Using that information they were able to create the CryptoSafeGuard solution. The offering is built around a suite of solutions the company invented to actively protect backups from ransomware threats, according to Chang. He explains they accomplish this in three ways:

  • Detect: The program scans and detects the effects of ransomware activities in the source files intended for backup
  • Protect: It includes features to stop ransomware from infecting backups from the BackupAssist computer
  • Respond: It alerts users via SMS and email and preserves the last good backup by blocking future backup jobs from running

Chang says the important thing to note is that the features in CryptoSafeGuard are not designed to replace traditional solutions like firewalls and antivirus. Instead, they’re designed to be used in conjunction. Where antivirus and anti-malware are focused on the threat, BackupAssist asserts its solutions are based on the content, like an undo button to roll back the damage.

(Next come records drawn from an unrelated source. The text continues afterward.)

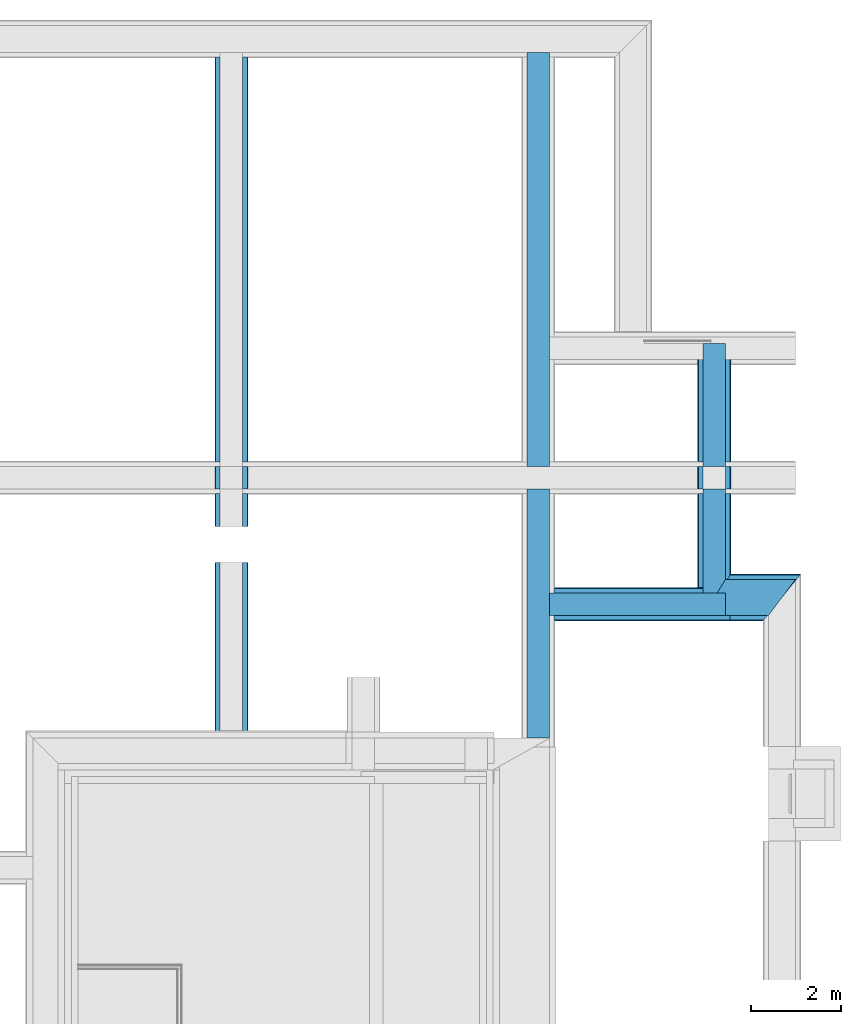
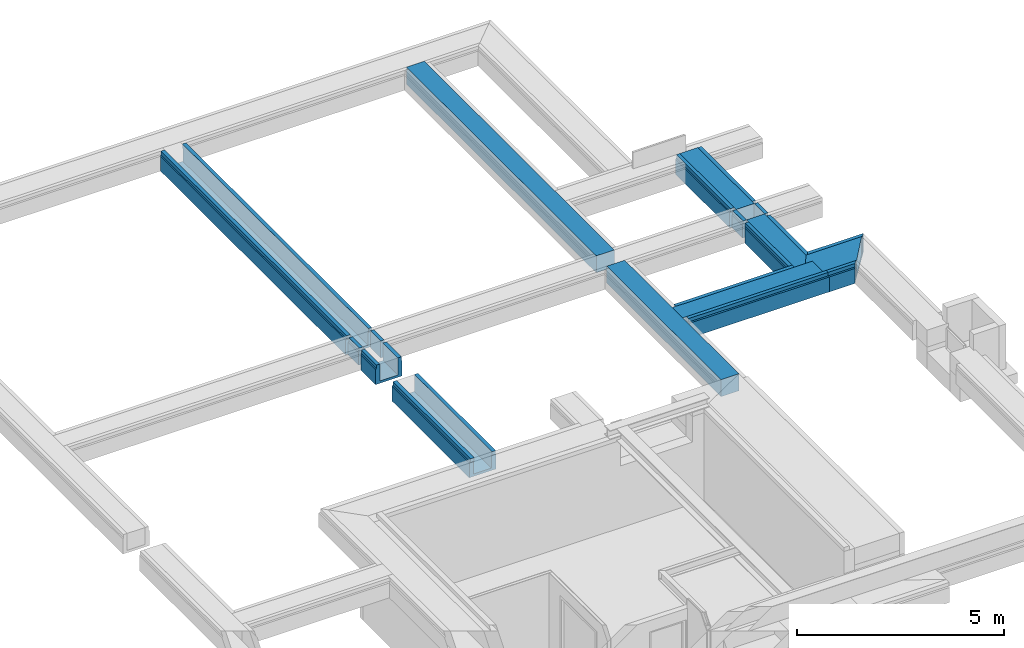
# One storey, part 4 of 11: 8 beams.
"""IFC2X3 building model written with IfcOpenShell, lengths in millimetres."""

from ifc_helpers import new_model, entity, si_unit, converted_unit, derived_unit, money_unit, direction, frame, origin_with_axes, place, context, subcontext, project, spatial, faceted_brep, material, type_object, element, save


model = new_model("IFC2X3")

# Units and contexts
model_context = context("Model", 3, precision=0.01, world=origin_with_axes(), true_north=direction((0.0, 1.0)))
body_context = subcontext(model_context, "Body", "Model", "MODEL_VIEW")
ifc_project = project(units=[si_unit("LENGTHUNIT", "METRE", prefix="MILLI"), si_unit("AREAUNIT", "SQUARE_METRE"), si_unit("VOLUMEUNIT", "CUBIC_METRE"), converted_unit("PLANEANGLEUNIT", "DEGREE", entity("IfcPlaneAngleMeasure", 0.0174532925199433), si_unit("PLANEANGLEUNIT", "RADIAN"), dimensions=[0, 0, 0, 0, 0, 0, 0]), money_unit("EUR"), converted_unit("TIMEUNIT", "Year", entity("IfcTimeMeasure", 31556926.0), si_unit("TIMEUNIT", "SECOND"), dimensions=[0, 0, 1, 0, 0, 0, 0]), si_unit("MASSUNIT", "GRAM", prefix="KILO"), si_unit("THERMODYNAMICTEMPERATUREUNIT", "DEGREE_CELSIUS"), si_unit("LUMINOUSINTENSITYUNIT", "LUMEN"), si_unit("ENERGYUNIT", "JOULE", prefix="MEGA"), derived_unit("THERMALCONDUCTANCEUNIT", [(si_unit("POWERUNIT", "WATT"), 1), (si_unit("LENGTHUNIT", "METRE"), -1), (si_unit("THERMODYNAMICTEMPERATUREUNIT", "KELVIN"), -1)]), derived_unit("SPECIFICHEATCAPACITYUNIT", [(si_unit("ENERGYUNIT", "JOULE"), 1), (si_unit("MASSUNIT", "GRAM", prefix="KILO"), -1), (si_unit("THERMODYNAMICTEMPERATUREUNIT", "KELVIN"), -1)]), derived_unit("MASSDENSITYUNIT", [(si_unit("MASSUNIT", "GRAM", prefix="KILO"), 1), (si_unit("VOLUMEUNIT", "CUBIC_METRE"), -1)])], contexts=[model_context])

# Site, building, storey
site_placement = place(None, origin_with_axes())
site = spatial("IfcSite", under=ifc_project, at=site_placement, Name="Site", CompositionType="ELEMENT")
building_placement = place(site_placement, origin_with_axes())
building = spatial("IfcBuilding", under=site, at=building_placement, Name="Naam gebouw", CompositionType="ELEMENT")
storey_placement = place(building_placement, frame((0.0, 0.0, -3060.0), z_axis=(0.0, 0.0, 1.0), x_axis=(1.0, 0.0, 0.0)))
storey = spatial("IfcBuildingStorey", under=building, at=storey_placement, Name="Kelder", CompositionType="ELEMENT", Elevation=-3060.0)

# Beams
ifc_material_1 = material(Name="Beton gewapend C")
beam_type_1 = type_object("IfcBeamType", Name="16 Fundering - betonbalk 500 x 500", PredefinedType="BEAM")
beam_1_placement = place(storey_placement, frame((28499.99998415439, 16749.99778166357, 2575.0), z_axis=(0.0, 0.0, 1.0), x_axis=(0.0, 1.0, 0.0)))
element("IfcBeam", 1, at=beam_1_placement, inside=storey, type_object=beam_type_1, material=ifc_material_1, Name="f2- Met cement gebonden producten (alle vulmiddelen)_Regenwaterafvoer-x", ObjectType="BEAM", context=body_context, shape_type="Brep", body=[
    faceted_brep([(149.9999999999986, -149.9999070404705, -500.0000000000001), (149.9999999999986, 3750.000179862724, -500.0000000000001), (149.999999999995, 3750.000179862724, 0.0), (149.9999999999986, -149.9999070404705, 0.0), (-350.0000000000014, -149.9999070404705, -500.0000000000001), (-350.0000000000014, 3750.000149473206, -500.0000000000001), (-350.0000000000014, 3750.000149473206, 0.0), (-350.0000000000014, -149.9999070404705, 0.0)], [[[0, 1, 2, 3]], [[4, 5, 1, 0]], [[5, 6, 2, 1]], [[3, 2, 6, 7]], [[0, 3, 7, 4]], [[7, 6, 5, 4]]]),
])
beam_2_placement = place(storey_placement, frame((24499.9990399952, 29175.0, 2575.0), z_axis=(0.0, 0.0, 1.0), x_axis=(-1.0, 0.0, 0.0)))
element("IfcBeam", 2, at=beam_2_placement, inside=storey, type_object=beam_type_1, material=ifc_material_1, Name="f2- Met cement gebonden producten (alle vulmiddelen)_Regenwaterafvoer-x", ObjectType="BEAM", context=body_context, shape_type="Brep", body=[
    faceted_brep([(-250.0005941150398, 9475.000188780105, -500.0000000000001), (-250.0000364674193, 300.0000000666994, -500.0000000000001), (-250.0000364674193, 300.0000000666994, 0.0), (-250.0005941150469, 9475.000188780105, 0.0), (250.0000000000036, 9475.000188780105, -500.0000000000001), (250.0, 300.0000000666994, -500.0000000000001), (250.0, 300.0000000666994, 0.0), (250.0, 9475.000188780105, 0.0)], [[[0, 1, 2, 3]], [[4, 5, 1, 0]], [[5, 6, 2, 1]], [[3, 2, 6, 7]], [[7, 4, 0, 3]], [[7, 6, 5, 4]]]),
    faceted_brep([(-250.0009600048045, 15494.99998966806, -500.0000000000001), (-250.0006245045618, 9975.000188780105, -500.0000000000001), (-250.0006245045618, 9975.000188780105, 0.0), (-250.0009600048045, 15494.99998966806, 0.0), (250.0, 15494.99998966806, -500.0000000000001), (250.0, 9975.000188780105, -500.0000000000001), (250.0, 9975.000188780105, 0.0), (249.9999999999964, 15494.99998966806, 0.0)], [[[0, 1, 2, 3]], [[4, 5, 1, 0]], [[5, 6, 2, 1]], [[3, 2, 6, 7]], [[0, 3, 7, 4]], [[7, 6, 5, 4]]]),
])
beam_3_placement = place(storey_placement, frame((28499.99998096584, 22424.97621300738, 2575.0), z_axis=(0.0, 0.0, 1.0), x_axis=(-0.9999999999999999, 1.489980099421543e-08, 0.0)))
element("IfcBeam", 3, at=beam_3_placement, inside=storey, type_object=beam_type_1, material=ifc_material_1, Name="f2- Met cement gebonden producten (alle vulmiddelen)_Regenwaterafvoer-x", ObjectType="BEAM", context=body_context, shape_type="Brep", body=[
    faceted_brep([(-149.9999999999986, 5224.978373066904, -500.0000000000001), (-150.0000000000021, 3224.976399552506, -500.0000000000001), (-150.0000000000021, 3224.976399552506, 0.0), (-149.9999999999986, 5224.978373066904, 0.0), (349.9999999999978, 5524.978436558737, -500.0000000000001), (349.9999999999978, 3224.976407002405, -500.0000000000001), (37.49995621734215, 5524.97843190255, -500.0000000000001), (349.9999999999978, 3224.976407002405, 0.0), (349.9999999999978, 5524.978436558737, 0.0), (37.49995621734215, 5524.97843190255, 0.0)], [[[0, 1, 2, 3]], [[4, 5, 1, 0, 6]], [[5, 7, 2, 1]], [[3, 2, 7, 8, 9]], [[0, 3, 9, 6]], [[8, 7, 5, 4]], [[8, 4, 6, 9]]]),
    faceted_brep([(350.0000000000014, 0.0, 0.0), (350.0000000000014, 2724.976407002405, 0.0), (-149.9999999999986, 2724.976399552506, 0.0), (-149.9999999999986, 0.0, 0.0), (350.0000000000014, 0.0, -500.0000000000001), (350.0000000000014, 2724.976407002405, -500.0000000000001), (-149.9999999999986, 2724.976399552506, -500.0000000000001), (-149.9999999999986, 0.0, -500.0000000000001)], [[[0, 1, 2, 3]], [[4, 5, 1, 0]], [[5, 6, 2, 1]], [[3, 2, 6, 7]], [[4, 0, 3, 7]], [[7, 6, 5, 4]]]),
])
beam_type_2 = type_object("IfcBeamType", Name="16 Fundering - betonbalk 800 x 500", PredefinedType="BEAM")
beam_4_placement = place(storey_placement, frame((28500.00008252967, 16749.99766957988, 2574.999999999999), z_axis=(0.0, 0.0, 1.0), x_axis=(0.0, -1.0, 0.0)))
element("IfcBeam", 4, at=beam_4_placement, inside=storey, type_object=beam_type_2, material=ifc_material_1, Name="f2- Met cement gebonden producten (alle vulmiddelen)_Regenwaterafvoer-x", ObjectType="BEAM", context=body_context, shape_type="Brep", body=[
    faceted_brep([(-150.000112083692, -37.50014010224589, 0.0), (-150.000112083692, 149.9998086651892, 0.0), (349.999887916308, 149.9998086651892, 0.0), (350.0001681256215, 1099.999917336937, 0.0), (-450.000168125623, 1699.999917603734, 0.0), (-450.000168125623, 149.9998205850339, 0.0), (-150.000112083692, 149.9998086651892, -499.9999999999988), (-150.000112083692, -37.50014010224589, -499.9999999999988), (349.999887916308, 149.9998086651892, -499.9999999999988), (350.0001681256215, 1099.999917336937, -500.0000000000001), (-450.000168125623, 1699.999917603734, -500.0000000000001), (-450.000168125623, 149.9998205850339, -500.0000000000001)], [[[0, 1, 2, 3, 4, 5]], [[6, 1, 0, 7]], [[8, 2, 1, 6]], [[3, 2, 8, 9]], [[3, 9, 10, 4]], [[11, 5, 4, 10]], [[11, 7, 0, 5]], [[8, 6, 7, 11, 10, 9]]]),
])
ifc_material_2 = material(Name="Isolatie - Kunststof hard")
beam_type_3 = type_object("IfcBeamType", Name="16 Fundering - EPS kist 500x500 740 x 570", PredefinedType="BEAM")
beam_5_placement = place(storey_placement, frame((28499.99998096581, 22424.97621300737, 2575.0), z_axis=(0.0, 0.0, 1.0), x_axis=(-0.9999999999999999, 1.489979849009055e-08, 0.0)))
element("IfcBeam", 5, at=beam_5_placement, inside=storey, type_object=beam_type_3, material=ifc_material_2, Name="n7 Kunststof met cellenstructuur_Regenwaterafvoer-x", ObjectType="BEAM", context=body_context, shape_type="Brep", body=[
    faceted_brep([(350.0000000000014, 3224.976407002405, 5.236698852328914e-07), (350.0000000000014, 3224.976407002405, -500.0000000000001), (350.0000000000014, 2724.976407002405, -500.0000000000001), (350.0000000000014, 2724.976407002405, 5.236698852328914e-07), (469.9999999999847, 3224.976408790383, -500.0000000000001), (449.9999999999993, 3224.976408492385, 5.492147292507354e-07), (449.9999999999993, 3224.976408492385, -101.4342852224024), (469.9999999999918, 3224.976408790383, -130.9350859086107), (469.9999999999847, 2724.976408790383, -500.0000000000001), (449.9999999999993, 2724.976408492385, -101.4342854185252), (449.9999999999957, 2724.976408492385, 5.492147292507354e-07), (469.9999999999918, 2724.976408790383, -130.9350857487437)], [[[0, 1, 2, 3]], [[4, 1, 0, 5, 6, 7]], [[8, 2, 1, 4]], [[9, 10, 3, 2, 8, 11]], [[10, 5, 0, 3]], [[9, 6, 5, 10]], [[11, 7, 6, 9]], [[8, 4, 7, 11]]]),
    faceted_brep([(-269.9999999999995, 5104.978422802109, -570.0000000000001), (-269.9999999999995, 3344.976397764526, -570.0000000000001), (-269.9999999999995, 3344.976397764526, -130.9350849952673), (-269.9999999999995, 5104.978422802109, -130.9350848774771), (469.9999999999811, 5404.978438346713, -570.0000000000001), (469.9999999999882, 3344.97640879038, -570.0000000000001), (-56.53846017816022, 5404.978430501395, -570.0000000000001), (-149.9999999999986, 3344.976399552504, -130.9350850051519), (469.9999999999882, 3344.97640879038, -130.9350850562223), (349.9999999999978, 3344.976407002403, -130.9350850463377), (349.9999999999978, 3344.976407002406, -500.0000000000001), (-150.0000000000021, 3344.976399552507, -500.0000000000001), (-250.0, 3324.976398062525, -101.4342863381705), (-250.0, 5133.08653145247, -101.4342864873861), (-149.9999999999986, 5273.627074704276, 0.0), (-149.9999999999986, 5273.627074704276, -500.0000000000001), (-56.53846017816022, 5404.978430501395, -500.0000000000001), (-250.0, 5133.08653145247, 0.0), (469.9999999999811, 5404.978438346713, -130.9350866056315), (349.9999999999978, 5404.978436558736, -500.0000000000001), (349.9999999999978, 5404.978438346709, -130.9350860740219), (-150.0000000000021, 3324.976399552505, -101.4342863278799), (449.9999999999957, 3324.976408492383, -101.4342862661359), (349.9999999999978, 3324.976407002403, -101.4342862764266), (349.9999999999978, 3324.976407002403, 5.236698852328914e-07), (349.9999999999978, 5424.978433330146, 4.371011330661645e-06), (349.9999999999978, 5424.978433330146, -101.43428452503), (-150.0000000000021, 3324.976399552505, 3.959454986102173e-07), (-250.0, 3324.976398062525, 3.704006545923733e-07), (449.9999999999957, 5424.978434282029, -101.4342843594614), (449.9999999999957, 3324.976408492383, 5.492147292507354e-07), (449.9999999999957, 5424.978434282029, 5.19885440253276e-06)], [[[0, 1, 2, 3]], [[4, 5, 1, 0, 6]], [[7, 2, 1, 5, 8, 9, 10, 11]], [[3, 2, 12, 13]], [[14, 15, 16, 6, 0, 3, 13, 17]], [[18, 8, 5, 4]], [[18, 4, 6, 16, 19, 20]], [[21, 12, 2, 7]], [[22, 23, 9, 8]], [[9, 23, 24, 25, 26, 20, 19, 10]], [[15, 11, 10, 19, 16]], [[21, 7, 11, 15, 14, 27]], [[13, 12, 28, 17]], [[17, 28, 27, 14]], [[29, 22, 8, 18]], [[29, 18, 20, 26]], [[21, 27, 28, 12]], [[22, 30, 24, 23]], [[25, 24, 30, 31]], [[31, 29, 26, 25]], [[31, 30, 22, 29]]]),
    faceted_brep([(-269.9999999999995, 3224.976397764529, -130.9350848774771), (-269.999999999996, 3224.976397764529, -500.0000000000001), (-269.9999999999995, 2724.976397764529, -500.0000000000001), (-269.9999999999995, 2724.976397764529, -130.9350848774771), (-149.9999999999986, 3224.976399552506, -500.0000000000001), (-250.0, 3224.976398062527, -101.4342864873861), (-249.9999999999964, 3224.976398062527, 3.704006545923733e-07), (-149.9999999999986, 3224.976399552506, 3.959454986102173e-07), (-149.9999999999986, 2724.976399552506, -500.0000000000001), (-250.0, 2724.976398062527, 3.704006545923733e-07), (-250.0, 2724.976398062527, -101.4342864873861), (-149.9999999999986, 2724.976399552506, 3.959454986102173e-07)], [[[0, 1, 2, 3]], [[4, 1, 0, 5, 6, 7]], [[8, 2, 1, 4]], [[9, 10, 3, 2, 8, 11]], [[10, 5, 0, 3]], [[9, 6, 5, 10]], [[11, 7, 6, 9]], [[8, 4, 7, 11]]]),
    faceted_brep([(-250.0, 0.0, -101.4342864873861), (-250.0, 2624.976398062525, -101.4342863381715), (-270.0000000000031, 2604.976397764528, -130.9350849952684), (-269.9999999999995, 0.0, -130.9350848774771), (-250.0, 0.0, 0.0), (-250.0, 2624.976398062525, 3.704006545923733e-07), (-149.9999999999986, 2604.976399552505, -130.9350850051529), (-149.9999999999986, 2624.976399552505, -101.4342863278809), (-269.999999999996, 2604.976397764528, -570.0000000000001), (-269.9999999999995, 0.0, -570.0000000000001), (449.9999999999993, 0.0, 0.0), (350.0000000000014, 0.0, 0.0), (350.0000000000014, 0.0, -500.0000000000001), (-149.9999999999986, 0.0, -500.0000000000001), (-149.9999999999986, 0.0, 0.0), (469.9999999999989, 0.0, -570.0000000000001), (469.9999999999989, 0.0, -130.935084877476), (449.9999999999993, 0.0, -101.434286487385), (-149.9999999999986, 2624.976399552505, 3.959454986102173e-07), (469.9999999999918, 2604.976408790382, -570.0000000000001), (-149.9999999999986, 2604.976399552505, -500.0000000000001), (350.0000000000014, 2604.976407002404, -500.0000000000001), (350.0000000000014, 2604.976407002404, -130.9350850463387), (469.9999999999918, 2604.976408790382, -130.9350850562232), (450.0000000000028, 2624.976408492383, 5.492147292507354e-07), (350.0000000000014, 2624.976407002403, 5.236698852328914e-07), (350.0000000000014, 2624.976407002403, -101.4342862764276), (450.0000000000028, 2624.976408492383, -101.4342862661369)], [[[0, 1, 2, 3]], [[4, 5, 1, 0]], [[6, 2, 1, 7]], [[3, 2, 8, 9]], [[10, 11, 12, 13, 14, 4, 0, 3, 9, 15, 16, 17]], [[14, 18, 5, 4]], [[7, 1, 5, 18]], [[19, 8, 2, 6, 20, 21, 22, 23]], [[6, 7, 18, 14, 13, 20]], [[9, 8, 19, 15]], [[10, 24, 25, 11]], [[26, 22, 21, 12, 11, 25]], [[12, 21, 20, 13]], [[15, 19, 23, 16]], [[16, 23, 27, 17]], [[17, 27, 24, 10]], [[23, 22, 26, 27]], [[27, 26, 25, 24]]]),
])
beam_6_placement = place(storey_placement, frame((17699.99942456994, 29175.0, 2575.0), z_axis=(0.0, 0.0, 1.0), x_axis=(-1.0, 0.0, 0.0)))
element("IfcBeam", 6, at=beam_6_placement, inside=storey, type_object=beam_type_3, material=ifc_material_2, Name="n7 Kunststof met cellenstructuur_Regenwaterafvoer-x", ObjectType="BEAM", context=body_context, shape_type="Brep", body=[
    faceted_brep([(-370.000000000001, 9355.000188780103, -570.0000000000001), (-370.000000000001, 419.9999999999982, -570.0000000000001), (-370.000000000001, 419.9999999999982, -130.935088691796), (-370.000000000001, 9355.000188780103, -130.9350840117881), (370.000000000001, 9355.000188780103, -570.0000000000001), (370.000000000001, 419.9999999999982, -570.0000000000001), (-250.0, 419.9999999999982, -130.935088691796), (370.000000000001, 419.9999999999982, -130.935088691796), (250.0, 419.9999999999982, -130.935088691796), (250.0, 419.9999999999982, -500.0000000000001), (-250.0, 419.9999999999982, -500.0000000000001), (-349.9999999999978, 399.999994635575, -101.4342893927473), (-349.9999999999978, 9375.000188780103, -101.4342859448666), (370.000000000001, 9355.000188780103, -130.935083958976), (-250.0, 9355.000188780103, -130.9350840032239), (-250.0, 9355.000188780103, -500.0000000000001), (250.0, 9355.000188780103, -500.0000000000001), (250.0, 9355.000188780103, -130.9350839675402), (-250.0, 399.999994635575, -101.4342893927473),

“We’re not claiming that we’re the only thing you need,” he says. “We are an excellent reactive defense against crypto lockout and other crypto-based ransomware. We believe people will still need active defenses. So absolutely you need to educate the users about social engineering, you need email firewalls, intrusion detection, antivirus and antimalware.”

Reaction And Channel Plans

According to Vertigan, reaction to the beta version of the program has been positive.

“We’ve had dozens and dozens of beta testers, and they’ve all been very excited,” says Vertigan. “The feedback has been fantastic.”

The company will market the solution as part of a subscription service dubbed BackupCare. The subscription gives customers access to newer versions of BackupAssist, support, and CryptoSafeGuard. That means anyone with an existing subscription gets access to the new solution without any extra cost.

For end-users who purchase off the company’s website, they can purchase BackupAssist and a 24-month subscription of BackupCare for $449. Channel Partners on the MSP program can purchase a subscription for $15 per month. “It's a great way for our channel partners to continue or even restart the conversation over backup subscriptions,” says Vertigan.

Growth has been largely organic since BackupAssist began operations in 2002, with the company relying on things like search engine optimization and word of mouth to get its name out into the world. Recently, the company launched its Partner Program in North America as it makes a push there. Now the company has more than 30,000 subscribing customers and partners in 165 countries.

Admittedly, numerous backup companies offer ransomware mitigation solutions -- many of which are specifically designed for MSPs that safeguard SMB networks.